WHAT IS REQUIRED ::
Everything before the line containing "furniture_shape = furniture_81ee7984(model_context)" stays out; print that line and all lines below it through the last, exactly.

INPUT ::
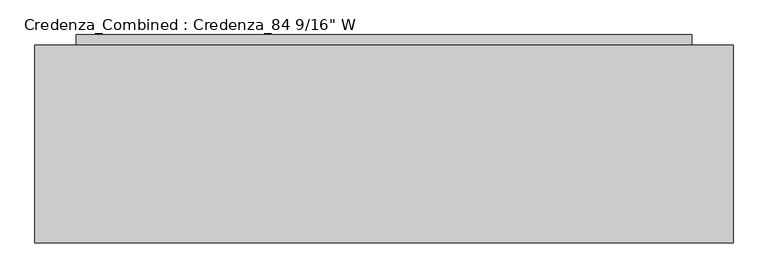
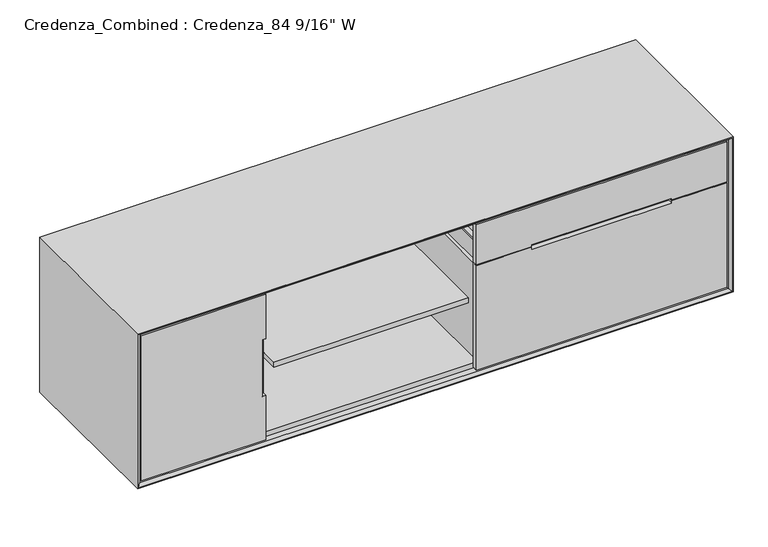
"""IFC4 building model written with IfcOpenShell, lengths in millimetres: furniture geometry."""

from ifc_helpers import new_model, si_unit, frame, origin, origin_with_axes, place, context, project, spatial, polyline, outline, extrude, faceted_brep, source, transform, mapped, element, save


def furniture_81ee7984(model_context):
    return source(origin(), model_context, "Body", "SolidModel", [
        faceted_brep([(1870.2294729, 397.0019907, 124.61875), (1870.2294729, 98.2980093, 124.61875), (2021.5267771, 98.2980093, 124.61875), (2021.5267771, 397.0019907, 124.61875), (2027.5527021, 403.0279157, 118.26875), (2027.5527021, 92.2720843, 118.26875), (1864.2035479, 92.2720843, 118.26875), (1864.2035479, 403.0279157, 118.26875), (2060.178125, 435.6533385, 492.91875), (1831.578125, 435.6533385, 492.91875), (1831.578125, 435.6533385, 499.26875), (2060.178125, 435.6533385, 499.26875), (1844.278125, 422.9533385, 492.91875), (2047.478125, 422.9533385, 492.91875), (2041.4522, 416.9274135, 499.26875), (1850.30405, 416.9274135, 499.26875), (1831.578125, 59.6466615, 492.91875), (1831.578125, 59.6466615, 499.26875), (1844.278125, 72.3466615, 492.91875), (1850.30405, 78.3725865, 499.26875), (2060.178125, 59.6466615, 492.91875), (2060.178125, 59.6466615, 499.26875), (2047.478125, 72.3466615, 492.91875), (2041.4522, 78.3725865, 499.26875)], [[[0, 1, 2, 3]], [[4, 5, 6, 7]], [[8, 9, 10, 11]], [[4, 7, 12, 13]], [[14, 15, 0, 3]], [[9, 16, 17, 10]], [[7, 6, 18, 12]], [[15, 19, 1, 0]], [[16, 20, 21, 17]], [[6, 5, 22, 18]], [[19, 23, 2, 1]], [[11, 21, 20, 8]], [[8, 20, 16, 9], [12, 18, 22, 13]], [[13, 22, 5, 4]], [[3, 2, 23, 14]], [[10, 17, 21, 11], [14, 23, 19, 15]]]),
        faceted_brep([(1486.5392771, 397.0019907, 124.61875), (1335.2419729, 397.0019907, 124.61875), (1335.2419729, 98.2980093, 124.61875), (1486.5392771, 98.2980093, 124.61875), (1329.2160479, 403.0279157, 118.26875), (1492.5652021, 403.0279157, 118.26875), (1492.5652021, 92.2720843, 118.26875), (1329.2160479, 92.2720843, 118.26875), (1296.590625, 435.6533385, 492.91875), (1296.590625, 435.6533385, 499.26875), (1525.190625, 435.6533385, 499.26875), (1525.190625, 435.6533385, 492.91875), (1309.290625, 422.9533385, 492.91875), (1512.490625, 422.9533385, 492.91875), (1315.31655, 416.9274135, 499.26875), (1506.4647, 416.9274135, 499.26875), (1525.190625, 59.6466615, 499.26875), (1525.190625, 59.6466615, 492.91875), (1512.490625, 72.3466615, 492.91875), (1506.4647, 78.3725865, 499.26875), (1296.590625, 59.6466615, 499.26875), (1296.590625, 59.6466615, 492.91875), (1309.290625, 72.3466615, 492.91875), (1315.31655, 78.3725865, 499.26875)], [[[0, 1, 2, 3]], [[4, 5, 6, 7]], [[8, 9, 10, 11]], [[4, 12, 13, 5]], [[14, 1, 0, 15]], [[11, 10, 16, 17]], [[5, 13, 18, 6]], [[15, 0, 3, 19]], [[17, 16, 20, 21]], [[6, 18, 22, 7]], [[19, 3, 2, 23]], [[9, 8, 21, 20]], [[8, 11, 17, 21], [13, 12, 22, 18]], [[12, 4, 7, 22]], [[1, 14, 23, 2]], [[10, 9, 20, 16], [14, 15, 19, 23]]]),
        faceted_brep([(1754.4299021, 397.0019907, 124.61875), (1603.1325979, 397.0019907, 124.61875), (1603.1325979, 98.2980093, 124.61875), (1754.4299021, 98.2980093, 124.61875), (1597.1066729, 403.0279157, 118.26875), (1760.4558271, 403.0279157, 118.26875), (1760.4558271, 92.2720843, 118.26875), (1597.1066729, 92.2720843, 118.26875), (1564.48125, 435.6533385, 492.91875), (1564.48125, 435.6533385, 499.26875), (1793.08125, 435.6533385, 499.26875), (1793.08125, 435.6533385, 492.91875), (1577.18125, 422.9533385, 492.91875), (1780.38125, 422.9533385, 492.91875), (1583.207175, 416.9274135, 499.26875), (1774.355325, 416.9274135, 499.26875), (1793.08125, 59.6466615, 499.26875), (1793.08125, 59.6466615, 492.91875), (1780.38125, 72.3466615, 492.91875), (1774.355325, 78.3725865, 499.26875), (1564.48125, 59.6466615, 499.26875), (1564.48125, 59.6466615, 492.91875), (1577.18125, 72.3466615, 492.91875), (1583.207175, 78.3725865, 499.26875)], [[[0, 1, 2, 3]], [[4, 5, 6, 7]], [[8, 9, 10, 11]], [[4, 12, 13, 5]], [[14, 1, 0, 15]], [[11, 10, 16, 17]], [[5, 13, 18, 6]], [[15, 0, 3, 19]], [[17, 16, 20, 21]], [[6, 18, 22, 7]], [[19, 3, 2, 23]], [[9, 8, 21, 20]], [[8, 11, 17, 21], [13, 12, 22, 18]], [[12, 4, 7, 22]], [[1, 14, 23, 2]], [[10, 9, 20, 16], [14, 15, 19, 23]]]),
        faceted_brep([(2112.9625, 466.725, 478.63125), (1244.6, 466.725, 478.63125), (1244.6, 28.575, 478.63125), (2112.9625, 28.575, 478.63125), (1257.3, 454.025, 478.63125), (2098.675, 454.025, 478.63125), (2098.675, 41.275, 478.63125), (1257.3, 41.275, 478.63125), (2112.9625, 466.725, 105.56875), (1244.6, 466.725, 105.56875), (1244.6, 28.575, 105.56875), (2112.9625, 28.575, 105.56875), (1257.3, 454.025, 118.26875), (2098.675, 454.025, 118.26875), (2098.675, 41.275, 118.26875), (1257.3, 41.275, 118.26875)], [[[0, 1, 2, 3], [4, 5, 6, 7]], [[1, 0, 8, 9]], [[2, 1, 9, 10]], [[3, 2, 10, 11]], [[8, 0, 3, 11]], [[5, 4, 12, 13]], [[6, 5, 13, 14]], [[7, 6, 14, 15]], [[4, 7, 15, 12]], [[13, 12, 15, 14]], [[8, 11, 10, 9]]]),
        extrude(outline(polyline([(504.03125, 1227.1375), (105.56875, 1227.1375), (105.56875, 2130.425), (504.03125, 2130.425), (504.03125, 1932.78125), (494.7030946, 1932.78125), (494.7030946, 1424.78125), (504.03125, 1424.78125), (504.03125, 1227.1375)])), frame((0.0, 9.525, 0.0), z_axis=(0.0, 1.0, 0.0), x_axis=(0.0, 0.0, 1.0)), (0.0, 0.0, 1.0), 19.05),
        extrude(outline(polyline([(659.60625, 2130.425), (659.60625, 1227.1375), (507.20625, 1227.1375), (507.20625, 1424.78125), (513.3594054, 1424.78125), (513.3594054, 1932.78125), (507.20625, 1932.78125), (507.20625, 2130.425), (659.60625, 2130.425)])), frame((0.0, 9.525, 0.0), z_axis=(0.0, 1.0, 0.0), x_axis=(0.0, 0.0, 1.0)), (0.0, 0.0, 1.0), 19.05),
        extrude(outline(polyline([(1198.5625, 609.6), (1198.5625, 9.525), (496.8875, 9.525), (496.8875, 609.6), (1198.5625, 609.6)])), frame((0.0, 0.0, 371.475), z_axis=(0.0, 0.0, 1.0), x_axis=(1.0, 0.0, 0.0)), (0.0, 0.0, 1.0), 19.05),
        extrude(outline(polyline([(2020.8875, 609.6), (2020.8875, 241.3), (127.0, 241.3), (127.0, 609.6), (2020.8875, 609.6)])), origin_with_axes(), (0.0, 0.0, 1.0), 87.3125),
        extrude(outline(polyline([(2020.8875, 641.35), (2020.8875, 609.6), (127.0, 609.6), (127.0, 641.35), (2020.8875, 641.35)])), origin_with_axes(), (0.0, 0.0, 1.0), 647.7),
        extrude(outline(polyline([(665.1625, 2135.1875), (665.1625, 12.7), (100.0125, 12.7), (100.0125, 2135.1875), (665.1625, 2135.1875)]), holes=[polyline([(646.1125, 31.75), (646.1125, 2116.1375), (119.0625, 2116.1375), (119.0625, 31.75), (646.1125, 31.75)])]), frame((0.0, 31.75, 0.0), z_axis=(0.0, 1.0, 0.0), x_axis=(0.0, 0.0, 1.0)), (0.0, 0.0, 1.0), 577.85),
        faceted_brep([(2135.1875, 9.525, 665.1625), (2135.1875, 609.6, 665.1625), (2135.1875, 609.6, 100.0125), (2135.1875, 9.525, 100.0125), (2144.7125, 0.0, 674.6875), (2144.7125, 0.0, 90.4875), (2147.8875, 609.6, 677.8625), (2147.8875, 0.0, 677.8625), (2147.8875, 0.0, 87.3125), (2147.8875, 609.6, 87.3125), (12.7, 609.6, 100.0125), (12.7, 9.525, 100.0125), (3.175, 0.0, 90.4875), (0.0, 0.0, 87.3125), (0.0, 609.6, 87.3125), (12.7, 609.6, 665.1625), (12.7, 9.525, 665.1625), (3.175, 0.0, 674.6875), (0.0, 0.0, 677.8625), (0.0, 609.6, 677.8625)], [[[0, 1, 2, 3]], [[4, 0, 3, 5]], [[6, 7, 8, 9]], [[3, 2, 10, 11]], [[5, 3, 11, 12]], [[9, 8, 13, 14]], [[11, 10, 15, 16]], [[12, 11, 16, 17]], [[14, 13, 18, 19]], [[9, 14, 19, 6], [1, 15, 10, 2]], [[16, 15, 1, 0]], [[17, 16, 0, 4]], [[7, 18, 13, 8], [5, 12, 17, 4]], [[19, 18, 7, 6]]]),
        faceted_brep([(468.3125, 28.575, 659.60625), (19.05, 28.575, 659.60625), (19.05, 9.525, 659.60625), (468.3125, 9.525, 659.60625), (468.3125, 28.575, 105.56875), (468.3125, 9.525, 105.56875), (19.05, 9.525, 105.56875), (19.05, 28.575, 105.56875), (468.3125, 9.525, 274.6375), (455.6125, 9.525, 274.6375), (455.6125, 9.525, 490.5375), (468.3125, 9.525, 490.5375), (468.3125, 25.4, 490.5375), (468.3125, 25.4, 274.6375), (455.6125, 25.4, 490.5375), (455.6125, 25.4, 274.6375)], [[[0, 1, 2, 3]], [[4, 5, 6, 7]], [[1, 0, 4, 7]], [[2, 1, 7, 6]], [[3, 2, 6, 5, 8, 9, 10, 11]], [[0, 3, 11, 12, 13, 8, 5, 4]], [[12, 14, 15, 13]], [[14, 12, 11, 10]], [[15, 14, 10, 9]], [[13, 15, 9, 8]]]),
        extrude(outline(polyline([(468.3125, 609.6), (468.3125, 28.575), (19.05, 28.575), (19.05, 609.6), (468.3125, 609.6)])), frame((0.0, 0.0, 382.5875), z_axis=(0.0, 0.0, 1.0), x_axis=(1.0, 0.0, 0.0)), (0.0, 0.0, 1.0), 19.05),
    ])


if __name__ == "__main__":
    model = new_model("IFC4")
    model_context = context("Model", 3, world=origin())
    ifc_project = project(units=[si_unit("LENGTHUNIT", "METRE", prefix="MILLI")], contexts=[model_context])
    site = spatial("IfcSite", under=ifc_project)
    building = spatial("IfcBuilding", under=site)
    placement = place(None, origin())
    furniture_shape = furniture_81ee7984(model_context)
    element("IfcFurniture", 1, ObjectType="Credenza_Combined : Credenza_84 9/16\" W", at=placement, inside=building, context=model_context, shape_type="MappedRepresentation", body=[
        mapped(furniture_shape, transform((0.0, 0.0, 0.0), x_axis=(1.0, 0.0, 0.0), y_axis=(0.0, 1.0, 0.0), z_axis=(0.0, 0.0, 1.0))),
    ])
    save(model, "model.ifc")

EXERCISE ANSWER ::
    furniture_shape = furniture_81ee7984(model_context)
    element("IfcFurniture", 1, ObjectType="Credenza_Combined : Credenza_84 9/16\" W", at=placement, inside=building, context=model_context, shape_type="MappedRepresentation", body=[
        mapped(furniture_shape, transform((0.0, 0.0, 0.0), x_axis=(1.0, 0.0, 0.0), y_axis=(0.0, 1.0, 0.0), z_axis=(0.0, 0.0, 1.0))),
    ])
    save(model, "model.ifc")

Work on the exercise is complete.